Rab31 knockdown inhibits tumor growth in nude mice. (A) In vivo fluorescence imaging of nude mice showed the fluorescence intensity of the tumors in the left and right flanks. (B) Tumor growth was monitored, and the volume was measured every 2 days with calipers. The growth curve of tumors was shown (left). The nude mice and tumors were photographed after the nude mice were euthanized (right). (C) H&E staining of transplanted tumor was used to detect the integrity of the tumor envelope.
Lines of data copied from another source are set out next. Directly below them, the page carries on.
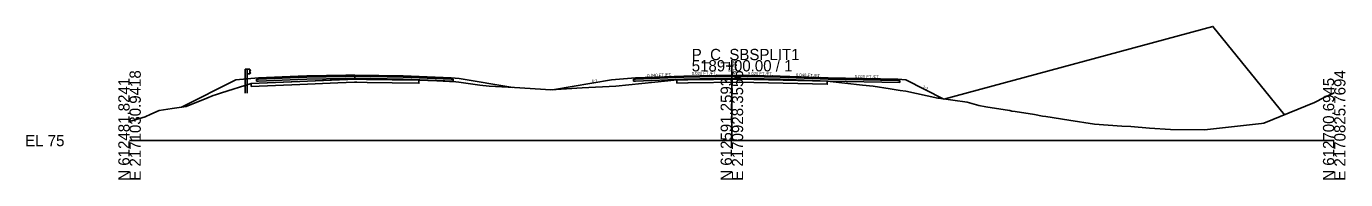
# Model space of a CAD drawing. Extents: x -26 to 1303, y -3010 to 12033.
# Drawn here: x -25.7 to 302.8, y 8990.3 to 9028.4 of the extents above; entities that cross this region are included whole.
import ezdxf

# ---------------------------------------------------------------- set-up
doc = ezdxf.new("R2010")
doc.units = 0
for name, color, linetype in [('RD_GPK_XS_Cell', 7, 'Continuous'), ('RD_PD_Final_TrvlWay', 7, 'Continuous'), ('RD_Sketch10', 7, 'Continuous'), ('RD_XS_Base', 7, 'Continuous'), ('RD_XS_ExGround', 7, 'Continuous'), ('RD_XS_ExPaveRet', 7, 'Continuous'), ('RD_XS_GR', 7, 'Continuous'), ('RD_XS_Greenside', 7, 'Continuous'), ('RD_XS_Pave', 7, 'Continuous'), ('RD_XS_PaveOvlay_CP', 7, 'Continuous'), ('RD_XS_TieSlope', 7, 'Continuous'), ('RD_XS_TX_Elev_EX', 7, 'Continuous'), ('RD_XS_TX_Elev_PR', 7, 'Continuous'), ('RD_XS_TX_Slope', 7, 'Continuous')]:
    doc.layers.add(name, color=color, linetype=linetype)

msp = doc.modelspace()

# ---------------------------------------------------------------- linework, layer by layer
at = {"layer": 'RD_GPK_XS_Cell'}
for p, q in [((150, 9000), (150, 9020)), ((0, 9000), (150, 9000)), ((150, 9000), (300, 9000))]:
    msp.add_line(p, q, dxfattribs=at)
at = {"layer": 'RD_PD_Final_TrvlWay'}
msp.add_lwpolyline([(29.28, 9011.75), (29.28, 9015.35), (28.78, 9015.31), (28.78, 9011.75)], dxfattribs=at)
at = {"layer": 'RD_Sketch10'}
msp.add_lwpolyline([(202.77, 9010.33), (269.81, 9028.38), (287.58, 9006.42)], dxfattribs=at)
at = {"layer": 'RD_XS_Base'}
for p, q in [((32.03, 9015.26), (31.61, 9015.24)), ((31.61, 9015.24), (31.61, 9015.16)), ((31.61, 9015.16), (31.61, 9014.74)), ((32.11, 9015.26), (32.03, 9015.26)), ((41.97, 9015.66), (32.11, 9015.26)), ((32.11, 9014.76), (41.97, 9015.16)), ((44.11, 9015.74), (41.97, 9015.66)), ((41.97, 9015.16), (44.11, 9015.24)), ((53.87, 9015.94), (44.11, 9015.74)), ((44.11, 9015.24), (53.87, 9015.44)), ((56.11, 9015.98), (53.87, 9015.94)), ((53.87, 9015.44), (56.11, 9015.48)), ((56.11, 9016.11), (56.11, 9016.14)), ((56.11, 9016.14), (56.11, 9016.02)), ((56.11, 9015.98), (56.11, 9016.14)), ((56.11, 9016.14), (56.11, 9016.14)), ((56.11, 9016.14), (56.11, 9016.14)), ((56.11, 9016.14), (56.11, 9015.48)), ((56.11, 9015.98), (56.11, 9016.11)), ((56.11, 9016.02), (56.11, 9015.48)), ((56.11, 9015.89), (56.11, 9015.98)), ((56.11, 9015.48), (56.11, 9015.98)), ((56.11, 9015.98), (56.11, 9015.98)), ((56.11, 9015.98), (56.11, 9015.98)), ((56.11, 9015.98), (56.11, 9015.98)), ((68.11, 9015.74), (56.11, 9015.98)), ((56.11, 9015.48), (56.11, 9015.89)), ((56.11, 9015.48), (56.11, 9015.48)), ((56.11, 9015.48), (56.11, 9015.48)), ((56.11, 9015.48), (68.11, 9015.24)), ((80.11, 9015.26), (68.11, 9015.74)), ((68.11, 9015.24), (80.61, 9014.74)), ((70.11, 9015.66), (70.11, 9015.66)), ((70.11, 9015.16), (70.11, 9015.16)), ((80.61, 9015.24), (80.11, 9015.26)), ((80.11, 9015.26), (80.11, 9015.26)), ((80.61, 9014.74), (80.61, 9015.24)), ((80.61, 9015.24), (80.61, 9015.24)), ((126, 9015.26), (125.5, 9015.24)), ((125.5, 9015.24), (125.5, 9015.24)), ((125.5, 9015.24), (125.5, 9014.74)), ((138, 9015.74), (126, 9015.26)), ((126, 9015.26), (126, 9015.26)), ((126, 9014.76), (138, 9015.24)), ((136, 9015.66), (136, 9015.66)), ((136, 9015.16), (136, 9015.16)), ((150, 9015.98), (138, 9015.74)), ((138, 9015.24), (150, 9015.48)), ((150, 9015.48), (150, 9016.13)), ((150, 9016.13), (150, 9016.13)), ((150, 9016.13), (150, 9016.13)), ((150, 9016.13), (150, 9015.98)), ((150, 9015.98), (150, 9015.98)), ((150, 9015.98), (162, 9015.74)), ((150, 9015.98), (150, 9015.98)), ((150, 9015.48), (150, 9015.98)), ((150, 9015.98), (150, 9015.98)), ((150, 9015.98), (150, 9015.98)), ((162, 9015.24), (150, 9015.48)), ((150, 9015.48), (150, 9015.48)), ((150, 9015.48), (150, 9015.48)), ((162, 9015.74), (162, 9015.74)), ((162, 9015.74), (174, 9015.26)), ((174, 9014.76), (162, 9015.24)), ((162, 9015.24), (162, 9015.24)), ((174, 9015.26), (174, 9015.26)), ((174, 9015.26), (191.3, 9014.91)), ((31.61, 9014.74), (32.03, 9014.76)), ((32.03, 9014.76), (32.11, 9014.76)), ((125.5, 9014.74), (126, 9014.76)), ((126, 9014.76), (126, 9014.76)), ((191.8, 9014.4), (174, 9014.76)), ((174, 9014.76), (174, 9014.76)), ((191.3, 9014.91), (191.3, 9014.91)), ((191.3, 9014.91), (191.8, 9014.9)), ((191.8, 9014.9), (191.8, 9014.9)), ((191.8, 9014.9), (191.8, 9014.4))]:
    msp.add_line(p, q, dxfattribs=at)
at = {"layer": 'RD_XS_ExGround'}
msp.add_lwpolyline([(0, 9004.73), (3.85, 9005.91), (5.32, 9006.53), (7.35, 9007.49), (10.58, 9007.97), (14.12, 9008.51), (19.26, 9010.52), (20.84, 9011.2), (21.41, 9011.39), (22.88, 9011.89), (30.31, 9014.21), (52.32, 9015.1), (56.41, 9015.25), (58.98, 9015.2), (72.07, 9015.01), (76.54, 9014.86), (81.25, 9014.59), (81.96, 9014.49), (87.27, 9013.76), (89.53, 9013.5), (95.84, 9013.16), (104.88, 9012.63), (112.74, 9013.08), (121.07, 9013.49), (134.01, 9014.82), (136.31, 9015.06), (139.07, 9015.1), (151.87, 9015.3), (155.43, 9015.21), (173.75, 9014.74), (182.52, 9013.79), (185.21, 9013.53), (189.44, 9012.85), (191.94, 9012.49), (193.33, 9012.26), (201.31, 9010.54), (201.42, 9010.52), (201.48, 9010.51), (208.58, 9009.56), (211.54, 9008.76), (213.21, 9008.42), (218.08, 9007.67), (219.23, 9007.48), (219.74, 9007.33), (220.56, 9007.26), (225.4, 9006.47), (227.39, 9006.04), (228.21, 9006), (233.92, 9005.07), (240.28, 9004.08), (247.11, 9003.58), (249.34, 9003.5), (254, 9003.06), (259.26, 9002.73), (267.67, 9002.64), (281.91, 9004.27), (282.51, 9004.35), (295.05, 9009.46), (295.05, 9009.46), (295.06, 9009.46), (297.49, 9010.7), (300, 9011.88)], dxfattribs=at)
at = {"layer": 'RD_XS_ExPaveRet'}
for points in [[(72.07, 9015.01), (72.07, 9015.01), (72.07, 9014.7), (72.07, 9014.26), (72.07, 9014.26), (72.07, 9014.26), (65.39, 9014.36), (59.18, 9014.45), (56.56, 9014.5), (56.41, 9014.5), (56.06, 9014.49), (51.88, 9014.33), (42.38, 9013.95), (30.31, 9013.46), (30.31, 9013.46), (30.31, 9013.46), (30.31, 9013.73), (30.31, 9014.21), (30.31, 9014.21), (30.31, 9014.21), (42.38, 9014.7), (51.88, 9015.08), (56.06, 9015.24), (56.41, 9015.25), (56.56, 9015.25), (59.18, 9015.2), (65.39, 9015.11), (72.07, 9015.01), (72.07, 9015.01)], [(72.07, 9015.01), (65.39, 9015.11), (59.18, 9015.2), (56.56, 9015.25), (56.41, 9015.25), (56.06, 9015.24), (51.88, 9015.08), (42.38, 9014.7), (30.31, 9014.21), (30.31, 9013.73), (30.31, 9013.46), (42.38, 9013.95), (51.88, 9014.33), (56.06, 9014.49), (56.41, 9014.5), (56.56, 9014.5), (59.18, 9014.45), (65.39, 9014.36), (72.07, 9014.26), (72.07, 9014.26), (72.07, 9014.26), (72.07, 9014.7), (72.07, 9015.01), (72.07, 9015.01), (72.07, 9015.01)], [(173.75, 9014.74), (155.43, 9015.21), (155.43, 9015.21), (151.87, 9015.3), (151.87, 9015.3), (139.07, 9015.1), (139.07, 9015.1), (136.31, 9015.06), (136.31, 9015.06), (136.31, 9014.31), (139.07, 9014.35), (139.07, 9014.35), (151.87, 9014.55), (151.87, 9014.55), (155.43, 9014.46), (155.43, 9014.46), (173.75, 9013.99), (173.75, 9013.99), (173.75, 9013.99), (173.75, 9014.74), (173.75, 9014.74)], [(173.75, 9014.74), (155.43, 9015.21), (151.87, 9015.3), (139.07, 9015.1), (136.31, 9015.06), (136.31, 9014.31), (139.07, 9014.35), (151.87, 9014.55), (155.43, 9014.46), (173.75, 9013.99), (173.75, 9014.74)]]:
    msp.add_lwpolyline(points, dxfattribs=at)
at = {"layer": 'RD_XS_GR'}
for p, q in [((28.78, 9015.31), (28.78, 9017.75)), ((28.78, 9017.75), (29.03, 9017.75)), ((29.28, 9015.35), (28.78, 9015.31)), ((29.03, 9017.75), (29.28, 9017.75)), ((29.28, 9017.75), (29.28, 9015.35)), ((29.28, 9016.58), (29.28, 9017.75)), ((29.28, 9017.75), (29.95, 9017.75)), ((29.95, 9016.58), (29.28, 9016.58)), ((29.95, 9017.75), (29.95, 9016.58)), ((29.99, 9017.7), (29.95, 9017.75)), ((29.95, 9017.75), (29.95, 9017.55)), ((29.95, 9017.55), (29.95, 9016.58)), ((29.95, 9017.17), (30.17, 9017.41)), ((29.99, 9017.12), (29.95, 9017.17)), ((29.95, 9016.58), (30.17, 9016.82)), ((30.22, 9017.46), (29.99, 9017.7)), ((30.22, 9016.87), (29.99, 9017.12)), ((30.17, 9017.41), (30.22, 9017.46)), ((30.17, 9016.82), (30.22, 9016.87))]:
    msp.add_line(p, q, dxfattribs=at)
at = {"layer": 'RD_XS_Greenside'}
for p, q in [((26.47, 9015.13), (12.9, 9008.34)), ((82.11, 9015.42), (95.47, 9013.2)), ((120, 9015.09), (105.36, 9012.65)), ((193.3, 9015.07), (193.3, 9015.07)), ((193.3, 9015.07), (202.77, 9010.33))]:
    msp.add_line(p, q, dxfattribs=at)
at = {"layer": 'RD_XS_Pave'}
for p, q in [((41.97, 9015.98), (32.11, 9015.58)), ((41.97, 9015.82), (32.11, 9015.42)), ((32.11, 9015.42), (41.97, 9015.82)), ((32.11, 9015.26), (41.97, 9015.66)), ((32.11, 9015.58), (32.11, 9015.55)), ((32.11, 9015.55), (32.11, 9015.42)), ((32.11, 9015.42), (32.11, 9015.39)), ((32.11, 9015.39), (32.11, 9015.26)), ((44.11, 9016.06), (41.97, 9015.98)), ((44.11, 9015.9), (41.97, 9015.82)), ((41.97, 9015.82), (44.11, 9015.9)), ((41.97, 9015.66), (44.11, 9015.74)), ((53.87, 9016.26), (44.11, 9016.06)), ((53.87, 9016.1), (44.11, 9015.9)), ((44.11, 9015.9), (53.87, 9016.1)), ((44.11, 9015.74), (53.87, 9015.94)), ((56.11, 9016.3), (53.87, 9016.26)), ((56.11, 9016.14), (53.87, 9016.1)), ((53.87, 9016.1), (56.11, 9016.14)), ((53.87, 9015.94), (56.11, 9015.98)), ((68.11, 9016.06), (56.11, 9016.3)), ((56.11, 9016.3), (56.11, 9016.3)), ((56.11, 9016.3), (56.11, 9016.3)), ((56.11, 9016.11), (56.11, 9016.14)), ((56.11, 9016.14), (56.11, 9016.11)), ((56.11, 9015.98), (56.11, 9016.14)), ((56.11, 9016.14), (56.11, 9016.14)), ((56.11, 9016.14), (56.11, 9016.14)), ((56.11, 9016.14), (56.11, 9016.14)), ((56.11, 9016.14), (56.11, 9016.14)), ((56.11, 9016.14), (68.11, 9015.9)), ((68.11, 9015.9), (56.11, 9016.14)), ((56.11, 9016.14), (56.11, 9016.14)), ((56.11, 9016.14), (56.11, 9016.14)), ((56.11, 9016.14), (56.11, 9015.98)), ((56.11, 9015.98), (56.11, 9016.11)), ((56.11, 9016.11), (56.11, 9015.98)), ((56.11, 9015.98), (56.11, 9015.98)), ((56.11, 9015.98), (56.11, 9015.98)), ((56.11, 9015.98), (68.11, 9015.74)), ((80.11, 9015.58), (68.11, 9016.06)), ((68.11, 9015.9), (80.11, 9015.42)), ((80.11, 9015.42), (68.11, 9015.9)), ((68.11, 9015.74), (80.11, 9015.26)), ((70.11, 9015.98), (70.11, 9015.98)), ((70.11, 9015.82), (70.11, 9015.82)), ((70.11, 9015.82), (70.11, 9015.82)), ((70.11, 9015.66), (70.11, 9015.66)), ((80.11, 9015.42), (80.11, 9015.58)), ((80.11, 9015.58), (80.11, 9015.58)), ((80.11, 9015.26), (80.11, 9015.42)), ((80.11, 9015.42), (80.11, 9015.42)), ((138, 9016.05), (126, 9015.57)), ((138, 9015.89), (126, 9015.41)), ((126, 9015.41), (138, 9015.89)), ((126, 9015.26), (138, 9015.74)), ((126, 9015.57), (126, 9015.57)), ((126, 9015.57), (126, 9015.41)), ((126, 9015.41), (126, 9015.41)), ((126, 9015.41), (126, 9015.26)), ((136, 9015.97), (136, 9015.97)), ((136, 9015.81), (136, 9015.81)), ((136, 9015.81), (136, 9015.81)), ((136, 9015.66), (136, 9015.66)), ((150, 9016.29), (138, 9016.05)), ((150, 9016.13), (138, 9015.89)), ((138, 9015.89), (150, 9016.13)), ((138, 9015.74), (150, 9015.98)), ((162, 9016.05), (150, 9016.29)), ((150, 9016.29), (150, 9016.29)), ((150, 9016.29), (150, 9016.29)), ((150, 9015.98), (150, 9016.13)), ((150, 9016.13), (150, 9016.13)), ((150, 9016.13), (150, 9016.13)), ((150, 9016.13), (150, 9016.13)), ((150, 9016.13), (150, 9016.13)), ((150, 9016.13), (162, 9015.89)), ((162, 9015.89), (150, 9016.13)), ((150, 9016.13), (150, 9016.13)), ((150, 9016.13), (150, 9016.13)), ((150, 9016.13), (150, 9016.13)), ((150, 9016.13), (150, 9015.98)), ((150, 9015.98), (150, 9015.98)), ((150, 9015.98), (150, 9015.98)), ((150, 9015.98), (150, 9015.98)), ((150, 9015.98), (162, 9015.74)), ((174, 9015.57), (162, 9016.05)), ((162, 9016.05), (162, 9016.05)), ((162, 9015.89), (162, 9015.89)), ((162, 9015.89), (174, 9015.41)), ((174, 9015.41), (162, 9015.89)), ((162, 9015.89), (162, 9015.89)), ((162, 9015.74), (162, 9015.74)), ((162, 9015.74), (174, 9015.26)), ((191.3, 9015.23), (174, 9015.57)), ((174, 9015.57), (174, 9015.57)), ((174, 9015.41), (174, 9015.41)), ((174, 9015.41), (191.3, 9015.07)), ((191.3, 9015.07), (174, 9015.41)), ((174, 9015.41), (174, 9015.41)), ((174, 9015.26), (191.3, 9014.91)), ((174, 9015.26), (174, 9015.26)), ((191.3, 9015.07), (191.3, 9015.23)), ((191.3, 9015.23), (191.3, 9015.23)), ((191.3, 9014.91), (191.3, 9015.07)), ((191.3, 9015.07), (191.3, 9015.07))]:
    msp.add_line(p, q, dxfattribs=at)
at = {"layer": 'RD_XS_PaveOvlay_CP'}
for p, q in [((32.11, 9015.58), (44.11, 9016.06)), ((44.11, 9016.06), (56.11, 9016.3)), ((56.11, 9016.3), (68.11, 9016.06)), ((68.11, 9016.06), (80.11, 9015.58)), ((138, 9016.05), (126, 9015.57)), ((136, 9015.97), (136, 9015.97)), ((150, 9016.29), (138, 9016.05)), ((162, 9016.05), (150, 9016.29)), ((150, 9016.29), (150, 9016.29)), ((150, 9016.29), (150, 9016.29)), ((174, 9015.57), (162, 9016.05)), ((162, 9016.05), (162, 9016.05)), ((191.3, 9015.23), (174, 9015.57)), ((174, 9015.57), (174, 9015.57))]:
    msp.add_line(p, q, dxfattribs=at)
at = {"layer": 'RD_XS_TieSlope'}
for p, q in [((32.11, 9015.58), (26.47, 9015.13)), ((80.11, 9015.58), (82.11, 9015.42)), ((126, 9015.57), (120, 9015.09)), ((191.3, 9015.23), (193.3, 9015.07))]:
    msp.add_line(p, q, dxfattribs=at)

# ---------------------------------------------------------------- texts
at = {"layer": 'RD_GPK_XS_Cell'}
for s, p in [('P_C_SBSPLIT1', (140, 9020)), ('5189+00.00 / 1', (140, 9017.2)), ('EL 75', (-26, 8998.6))]:
    msp.add_text(s, height=2.8, dxfattribs=at).set_placement(p)
for s, p in [('N 612481.8241', (0, 8990)), ('E 2171030.9418', (2.8, 8990)), ('N 612591.2593', (150, 8990)), ('E 2170928.3556', (152.8, 8990)), ('N 612700.6945', (300, 8990)), ('E 2170825.7694', (302.8, 8990))]:
    msp.add_text(s, height=2.8, rotation=90, dxfattribs=at).set_placement(p)
at = {"layer": 'RD_XS_TX_Elev_EX'}
msp.add_text('90.27', height=0.6, rotation=90, dxfattribs=at).set_placement((149.72, 9017.08))
at = {"layer": 'RD_XS_TX_Elev_PR'}
msp.add_text('91.29', height=1, rotation=90, dxfattribs=at).set_placement((151.25, 9016.5))
at = {"layer": 'RD_XS_TX_Slope'}
for s, rotation, p in [('6:1', 9.4623, (115.16, 9014.34)), ('0.040 FT./FT.', 2.2906, (128.93, 9015.79)), ('0.020 FT./FT.', 1.1458, (140.03, 9016.3)), ('0.020 FT./FT.', 358.8542, (153.94, 9016.31)), ('0.040 FT./FT.', 357.7094, (165.94, 9015.99)), ('0.020 FT./FT.', 358.8542, (180.59, 9015.54)), ('2:1', 333.4349, (197.39, 9013.09))]:
    msp.add_text(s, height=0.75, rotation=rotation, dxfattribs=at).set_placement(p)

doc.saveas('drawing.dxf')

The arrows indicate the tumor envelope. (D) Immunohistochemical staining of Rab31 and MAPK6 in transplanted tumors was shown. ^*P<0.05, ^**P <0.01, ^***P<0.001.

Figure 7

Rab31 knockdown inhibits the metastasis of cervical cancer cells in vivo. (A) In vivo fluorescence imaging of nude mice showed that fluorescence was mainly located in the chest and abdomen. (B) Visible lung and liver metastatic nodules and fluorescence imaging of the lung and liver were shown. (C-D) H&E staining of paraffin-embedded sections of lung and liver metastatic nodules was shown. The pictures below are enlargements of the rectangle in the pictures above. The arrows indicate the metastatic nodules.